“The role of the artist is to make the revolution irresistible.” -Toni Cade Bambara

I doodled this quote in Lisbon, Portugal while listening to global leaders discuss narrative strategy in the gender justice movement. As UUSC’s Content Creator, I had the distinct privilege of documenting our urgent new event: Converging Futures, 2026.
Leaders from grassroots movements, progressive faith communities, legislative advocacy, and research came together for the 3-day convening. They aimed to establish shared strategies to advance gender justice.
Across the globe, conservative institutions galvanize religious communities to further transphobic, homophobic, and misogynistic agendas. What if leaders from the justice movement and progressive faith communities coordinated more closely to promote trans-affirming, feminist policies and thought?

At Converging Futures, participants leaned into the mobilizing potential of progressive faith spaces, while interrogating religion’s complex relationship to social power. They held panel discussions on the anti-gender movement’s successful strategies and faith-based resistance efforts. Participants broke off into discussion groups organized by focus area and geography. They identified strategic building blocks and future priorities.
The global leaders of Converging Futures will have many more reflections on the work that emerged from the event. As the creative documentarian in attendance, I left Lisbon deeply impacted by the transformative power of collaborative imagination.

At UUSC and in broader movement work, we spend a lot of time talking about imagining a new and better future. When the convening started, many participants shared how tiring it is to continually talk about tomorrow when folks are struggling to survive right now. What’s a liberated future to someone presently incarcerated for migrating? What good is a better tomorrow to someone denied life-saving gender affirming healthcare today?
The justice movement will always navigate the tension of managing both immediate crisis response and long-term, sustainable change. In an era of acute state violence, it is natural to be overwhelmed by the present. Collaborative imagination and creative practices, however, allowed participants to overcome the inundation of crises. They could be present with one another in the convening space. They could build relationships and make strides toward shared strategy, even while carrying trauma and exhaustion.

Convening facilitator Angelika Arutyunova cultivated this creativity by inviting participants to connect with one another through art. Each day started with somatic movement practices and often poetry. Claudia Lopez, a graphic illustrator, captured participant reflections in real time through huge drawings that mapped collaborative thought.
In the meeting space, every table was adorned with a fantastic mess of art supplies. While sharing wisdom and building strategy, participants tore into decorative paper and passed around glue sticks. They collaged. They built towers out of putty. When UUSC staff reorganized the room at the end of each day, we found piles and piles of origami birds.
Hope for the future can be a powerful tool in resistance efforts, but the incredible thing about human imagination is that it transcends time. Creativity doesn’t require that we look forward to innovate; it is just as easily activated by the past.
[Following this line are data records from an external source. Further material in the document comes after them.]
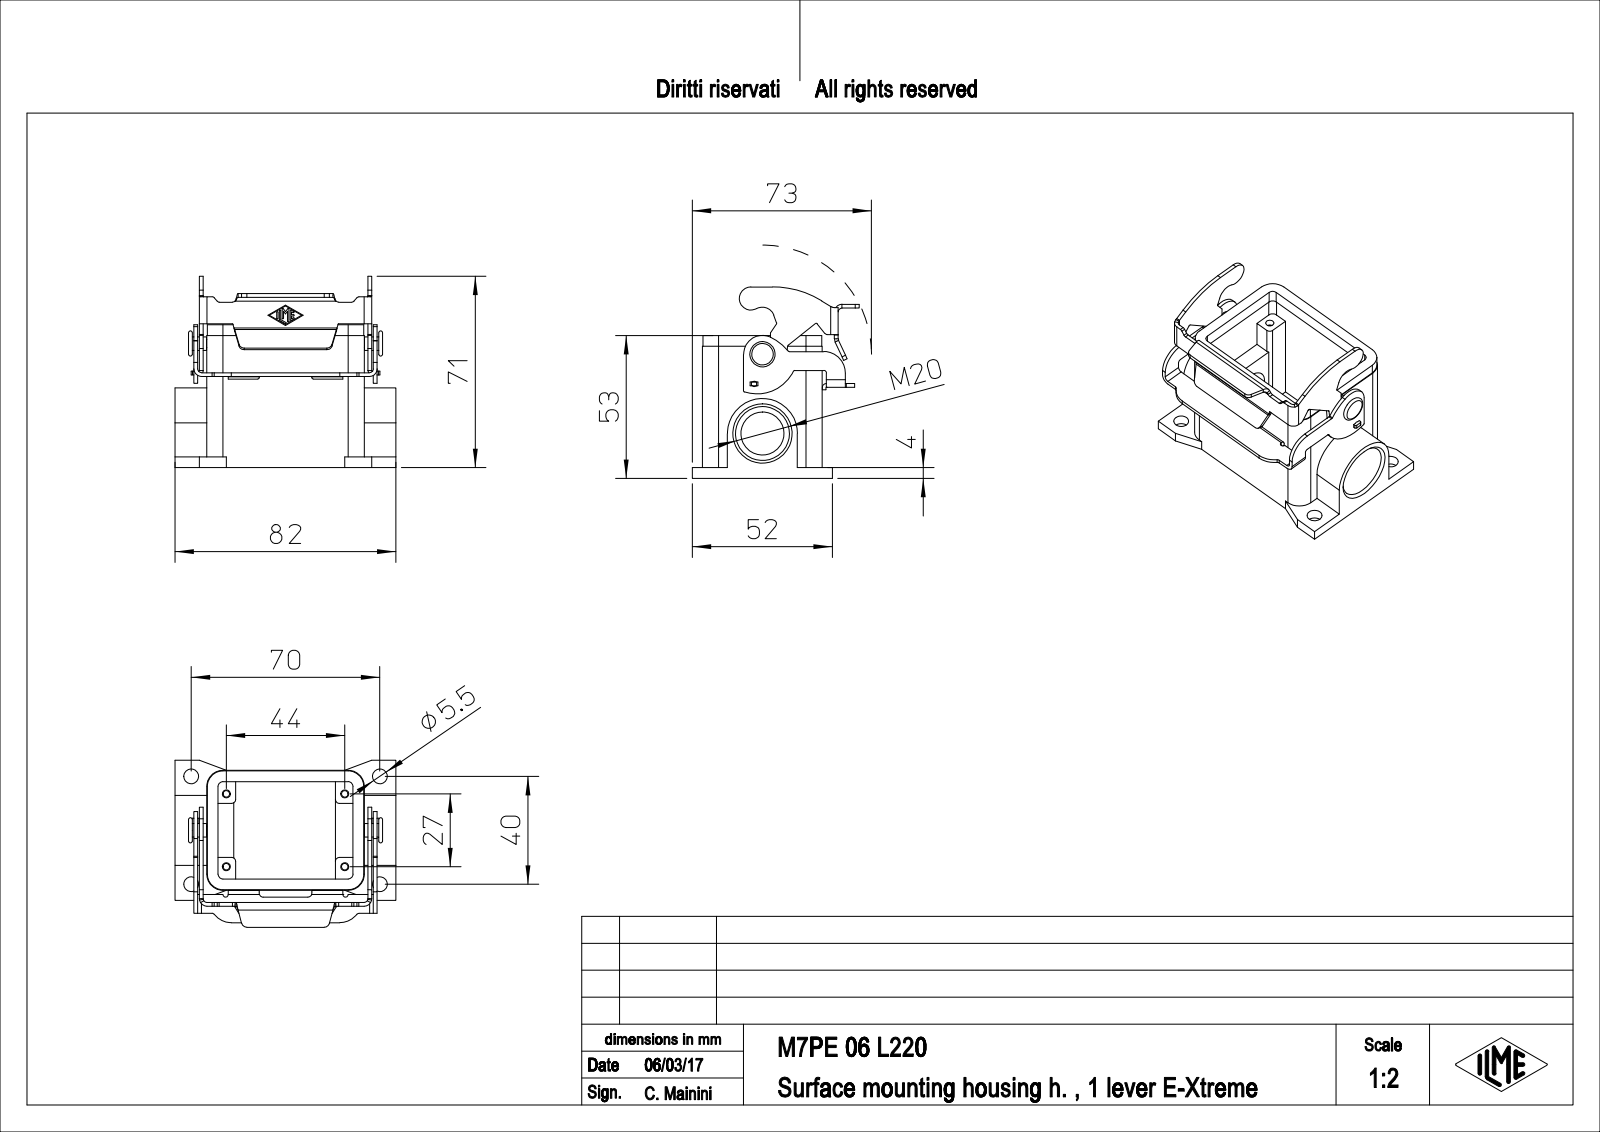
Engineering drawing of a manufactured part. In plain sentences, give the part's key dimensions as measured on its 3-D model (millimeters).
The part is named "M7PE_06_L220". Its 3-D file was written by "PTC Creo Elements/Direct Modeling 19.0E 27-Jun-2016 (C) Parametric Technology GmbH (AUTOMOTIVE_DESIGN)". It is 1 solid with 386 faces: 198 planar, 168 cylindrical and 20 other. Overall it measures 82 by 71 by 61.98 millimeters. Its volume is 73 378 cubic millimeters and its surface area 38 703 square millimeters. Round holes: 4 of diameter 2.46, 4 of diameter 3, 4 of diameter 5.5, 1 of diameter 16, 1 of diameter 20. Round bosses or shafts: 1 of diameter 5, 1 of diameter 3. Partial cylindrical surfaces (rounded edges, fillets, slot ends): 16 of radius 0.25, 13 of radius 1, 12 of radius 0.5, 11 of radius 1.5, 8 of radius 2, 6 of radius 1.4, 6 of radius 2.8, 4 of radius 1.8. The main face-to-face distances are 4, 1.4, 40.5, 44.5, 2, 64.6, 6.75, 36.5, 50.5, 10.75. The hole center spacings are 14.53, 35.93, 57.37, 66.12, 27, 40, 44, 51.62.
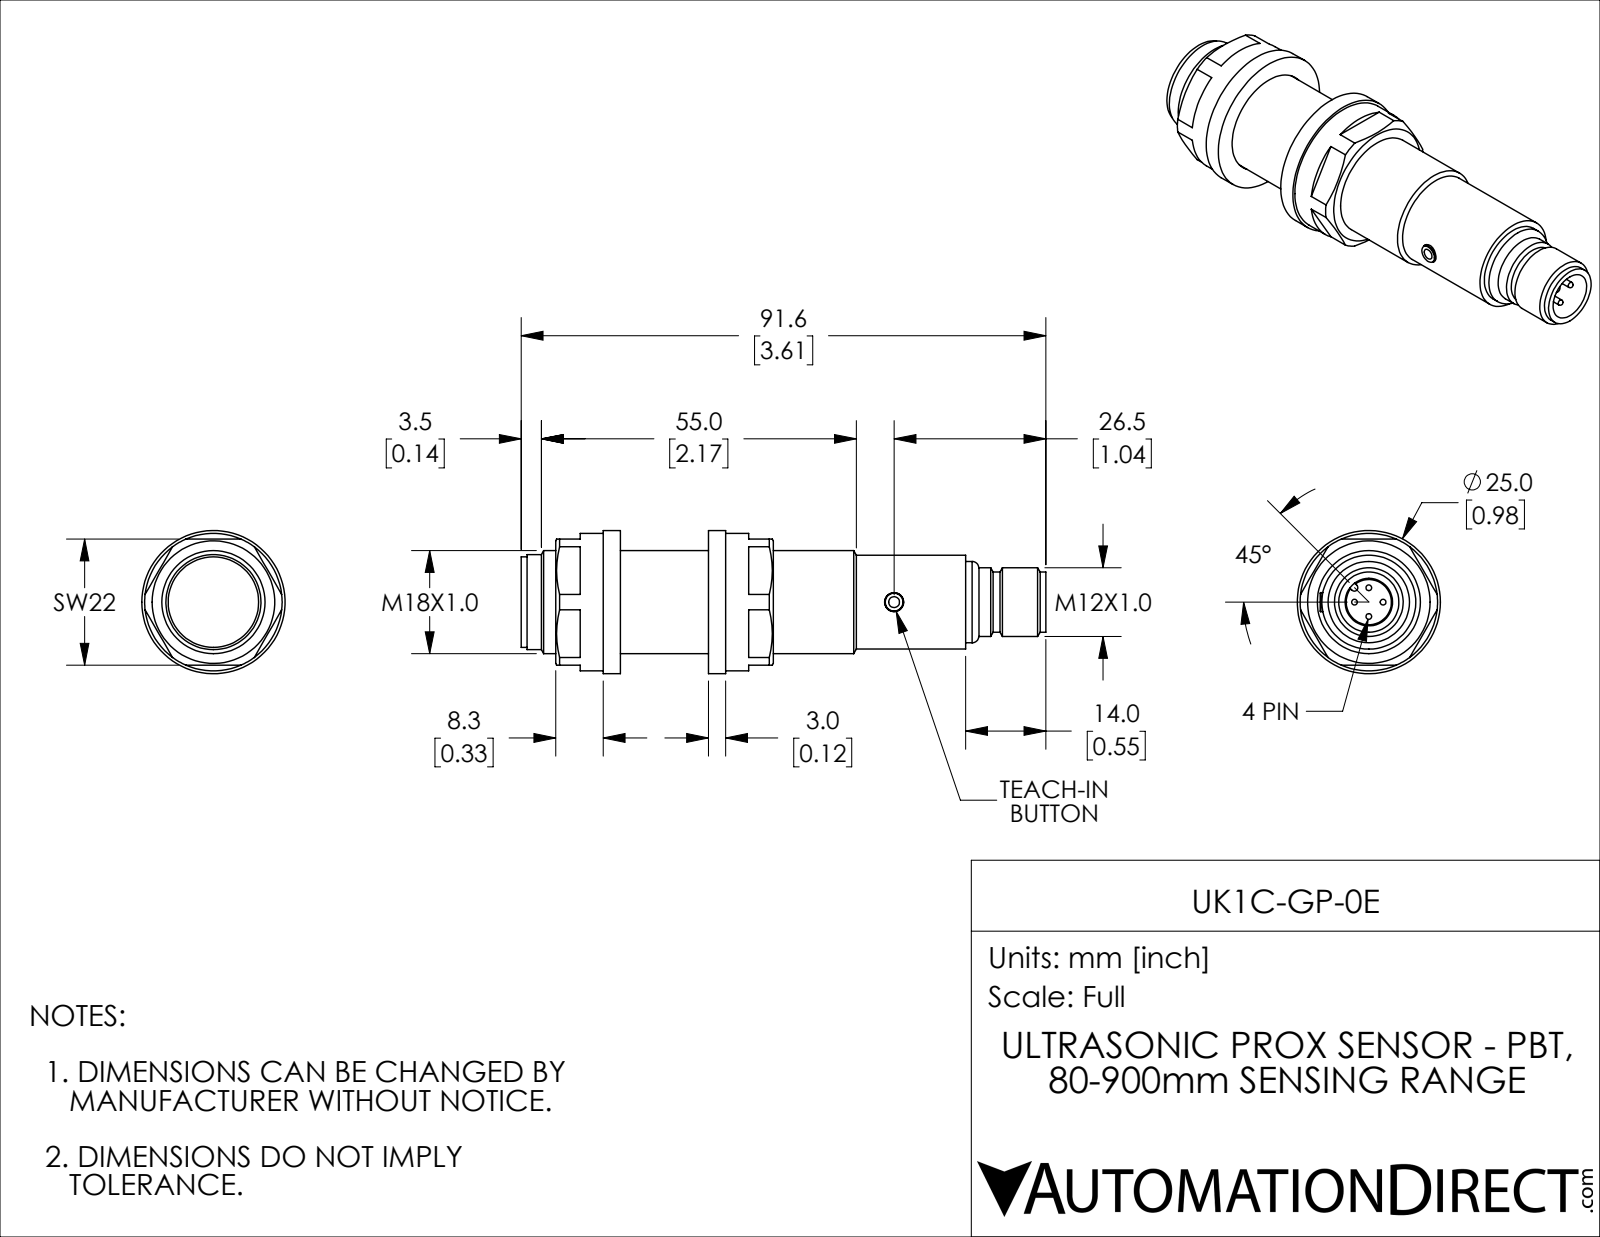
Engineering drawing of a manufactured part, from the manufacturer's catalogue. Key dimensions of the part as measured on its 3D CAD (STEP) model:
Part name (STEP PRODUCT): UK1C-GP-0E
STEP written by: SolidWorks 2018 (AUTOMOTIVE_DESIGN)
Units: inches
Bodies: 6 solids, 123 faces (43 planar, 49 cylindrical, 31 other)
Overall size (bounding box): 3.606 × 0.984 × 0.984
Volume: 1.477 in³ · Surface area: 16.01 in²
Round holes (diameter × count): ⌀0.13 ×1, ⌀0.327 ×1, ⌀0.709 ×1, ⌀0.717 ×1
Round bosses / shafts (diameter × count): ⌀0.039 ×4, ⌀0.984 ×1, ⌀0.945 ×1, ⌀0.654 ×1, ⌀0.646 ×1, ⌀0.622 ×1, ⌀0.559 ×1, ⌀0.472 ×1
Partial cylindrical surfaces — rounded edges, fillets, slot ends (radius × count): R0.024 ×1
Main face-to-face distances: 0.118, 0.724, 0.843, 0.606, 0.866, 0.327, 0.445, 1.051, 1.169, 0.563

Throughout the convening, participants invoked the power of memory. They recalled both the recent past and the long history of social resistance and progressive faith. Some participants had five decades of experience in movement work, while others had fewer years but fresher eyes. Participants used collaborative imagination to connect the strategies of the past with the tools of today. Their shared creativity resulted in clear tactics to strengthen and advance the gender justice movement.
The antidote to authoritarianism is not simply imagination. The agendas of transphobia and misogyny are also imaginative, in horrifying ways. If the political right uses their creativity to build violent structures and narratives, we must use ours to develop better approaches to defend and advance gender justice.
As a queer artist working for a human rights organization, I was struck by the power of creative practice at Converging Futures. Collaborative creativity unlocked memories and built relationships. It connected the work of the past to the strategies of today.

The convening reminded me that a feminist future is embodied, imaginative, and collaborative. Creative practices and storytelling are not layered on top of movement strategy; they are core parts of the strategy itself. I have never felt more honored to serve as an artist in movement work, and I’ve never been clearer that my calling is to make the revolution irresistible.